BoE interest rate up for first time in a decade but pound falls

Bank of England governor Mark Carney believes reversion of rates to historic norms is years off
Bank of England governor Mark Carney believes reversion of rates to historic norms is years off
Donal O'Donovan

Donal O'Donovan

The Bank of England yesterday raised interest rates for the first time in more than 10 years, but warned that it expects only "very gradual" increases in the run up to Brexit in 2019.

A rate rise would normally boost the pound, but the note of caution about future increases sent sterling down sharply.

After initially rising, sterling suffered its worst one-day drop against the euro in more than a year, hitting 89.37 pence.
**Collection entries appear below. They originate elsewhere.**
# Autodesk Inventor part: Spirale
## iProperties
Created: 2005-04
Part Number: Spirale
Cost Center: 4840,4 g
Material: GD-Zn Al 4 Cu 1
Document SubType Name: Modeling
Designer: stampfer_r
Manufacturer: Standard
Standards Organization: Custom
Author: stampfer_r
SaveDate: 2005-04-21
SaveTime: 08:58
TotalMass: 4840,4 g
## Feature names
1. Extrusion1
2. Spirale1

But after a decade without a rate increase, the market may take some time to properly price the impact of the latest move.

Bank of England rate-setters, led by governor Mark Carney, voted seven to two to increase the UK's standard interest rate to 0.50pc from 0.25pc.

The interest rate was reduced last year to boost the UK economy in the immediate wake of the Brexit vote.

The economy remains vulnerable to the same Brexit effects, but yesterday's vote split reflects the dilemma facing Mark Carney.

Britain's economy has grown slowly this year, but the weak pound has hurt consumers by boosting inflation at a time when wage growth is failing to keep up.

Mr Carney said that in broad-brush terms, the central bank was on the same page as investors who expect only two more 25 basis-point rate hikes before the end of 2020. It means a reversion of rates to anything like historic norms is years off.

Nonetheless, he cautioned investors not to be too relaxed as inflation was still on course to exceed the BoE's 2pc target in three years' time.

"We in fact need those two additional rate increases in order to get that return of inflation to target," Mr Carney told reporters. "If you look closely at the forecast, inflation approaches the target, it doesn't quite get there, and the economy is likely to be in a position of excess demand."

Britain's economy slowed sharply this year after the Brexit vote in 2016, raising questions about the wisdom of raising rates now among many economists.

But Mr Carney fears that Brexit will aggravate Britain's weak productivity growth and make the economy more inflation-prone.

He said the Brexit talks were likely to be the biggest factor for the next BoE move on rates, either up or down.

Read more: Brexit unknowns leave a question mark over decision

He also said the sheer novelty of a first rate hike created some uncertainty about its impact on the economy, but there was no reason to expect this to be larger than normal.

Yesterday's move meant the BoE followed through on its signal in September that a rate hike was coming.

That may go some way to help counteract Mr Carney's reputation - in the words of one British politician - of being an "unreliable boyfriend" who did not live up to previous guidance about higher rates.

The two Monetary Policy Committee members who voted to keep rates steady, deputy governors Jon Cunliffe and Dave Ramsden, said wage growth was too weak to justify a rate rise now.

The BoE said debt servicing costs paid by British households and companies remained "historically very low", even with the new higher rate.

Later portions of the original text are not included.